Is this normal behavior? Do MATLAB variables always take so long to save? What's going on here?
Mistake: I'm saving AllData, not my SVM variable. AllData has the same data as the SVM keeper, less the actual SVM itself and one integer.
What particular points of the code would be helpful to show for solving this? The code itself is a few hundred lines and broken up in several functions. What would be important to consider to troubleshoot this? When the variable is created? when it's saved? The way I create the smaller images?
Hate to be the noob who takes a picture of their desktop. but the machine I'm working has problems taking screenshots. Anyway, here it is
Alldata/curdata are just subsets of the 3x7 array... actually it's a 3x8, but the last is just an int.
Interesting side point: I interrupted the saving process and the variable seemed to save just fine. I trained a new svm on the saved data and it works just fine. I'd like to not do that in the future though.
Using whos:
Name Size Bytes Class Attributes
AllData 3x6 473300 cell
Image 240x352x3 253440 uint8
RESTOREDEFAULTPATH_EXECUTED 1x1 1 logical
SVMKeeper 3x8 2355638 cell
ans 3x6 892410 cell
curData 3x6 473300 cell
dirpath 1x67 134 char
im 240x352x3 1013760 single
s 1x1 892586 struct
Updates:
1.Does this always happen, or did you only do it once?
-It always happens
2.Does it take the same time when you save it to a different (local) drive?
-I will investigate this more when I get back to that computer
3.How long does it take to save a 500kb matrix to that folder?
-Almost instantaneous
4.And as asked above, what is the function call that you use?
-Code added below
(Image is a rgb image)
MaskedImage(:,:,1)=Image(:,:,1).*Mask;
MaskedImage(:,:,2)=Image(:,:,2).*Mask;
MaskedImage(:,:,3)=Image(:,:,3).*Mask;
MaskedImage=im2single(MaskedImage);
....
(I use some method to create a bounding box around my 16x20 image)
(this is in a loop of that occurs about 100-200 times)
Misfire=input('is this a misfire?','s');
if (strcmpi(Misfire,'yes'))
curImageReal=MaskedImage(j:j+Ybound,i:i+Xbound,:);
Training{curTrainingIndex}=curImageReal; %Training is a cell array of images
Labels{curTrainingIndex}='ncr';
curTrainingIndex=curTrainingIndex+1;
end
(the loop ends)...
SaveAndUpdate=input('Would you like to save this data?(say yes,definitely)','s');
undecided=1;
while(undecided)
if(strcmpi(SaveAndUpdate,'yes,definitely'))
AllData{curSVM,4}=Training;
AllData{curSVM,5}=Labels;
save(strcat(dirpath,'/',TrainingName),'AllData'); <---STUCK HERE
undecided=0;
else
DontSave=input('Im not going to save. Say YESNOSAVE to NOT SAVE','s')
if(strcmpi(DontSave,'yesnosave'))
undecided=0;
else
SaveAndUpdate=input('So... save? (say yes,definitely)','s');
end
end
end
It is a bit unclear if you are doing some custom file saving or not.
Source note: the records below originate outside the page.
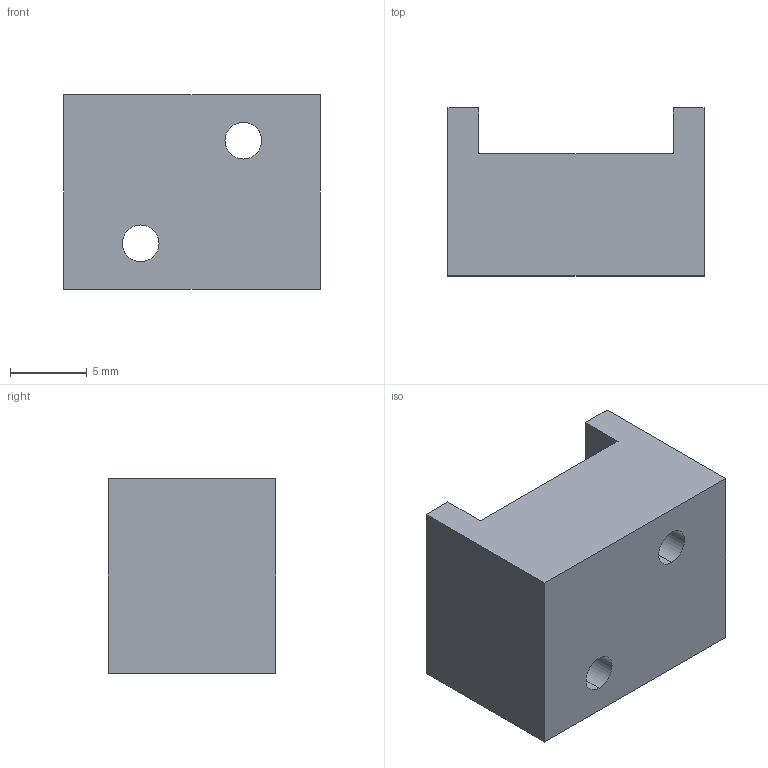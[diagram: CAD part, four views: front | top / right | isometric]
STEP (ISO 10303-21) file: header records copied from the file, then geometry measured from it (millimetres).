
FILE_DESCRIPTION (( 'STEP AP214' ), '1' );
FILE_NAME ('疏え炵苀_PBS假蚾釱_V2.STEP', '2026-06-22T02:25:13', ( '' ), ( '' ), 'SwSTEP 2.0', 'SolidWorks 2022', '' );
FILE_SCHEMA (( 'AUTOMOTIVE_DESIGN' ));
Length unit declared in the file: millimetre
Products named in the file (1): 波片系统_PBS安装座_V2
Bounding box: 16.7 x 10.95 x 12.7 mm (x, y, z)
Volume: 1714.3 mm3; surface area: 1203.6 mm2
Topology: 1 solids, 1 shells, 22 faces, 54 edges, 36 vertices
Faces by surface type: plane 12, cylinder 10
Entity records: 704 total; most frequent: DIRECTION 120, CARTESIAN_POINT 113, ORIENTED_EDGE 108, EDGE_CURVE 54, AXIS2_PLACEMENT_3D 43, VERTEX_POINT 36, LINE 34, VECTOR 34

If it is the first, I'm guessing that you have a really slow save loop going on, maybe some hardware issues. Try to save the data using MATLAB's save function:
tic
save('test.mat', 'AllData')
toc
if that works fine try to work your way from there e.g. saving one element at a time etc.
You can profile your code by using the profiler, open it with the command profile viewer and then type in the code, script or function that you want to profile in the input text field.
This isn't a great answer, but it seems that the problem was that I was saving the version of my image after I had converted it to a single. I don't know why this would cause such a dramatic slowdown (after removing this line of code it worked instantly) so if someone could edit my answer to shed more light on the situation, that would be appreciated.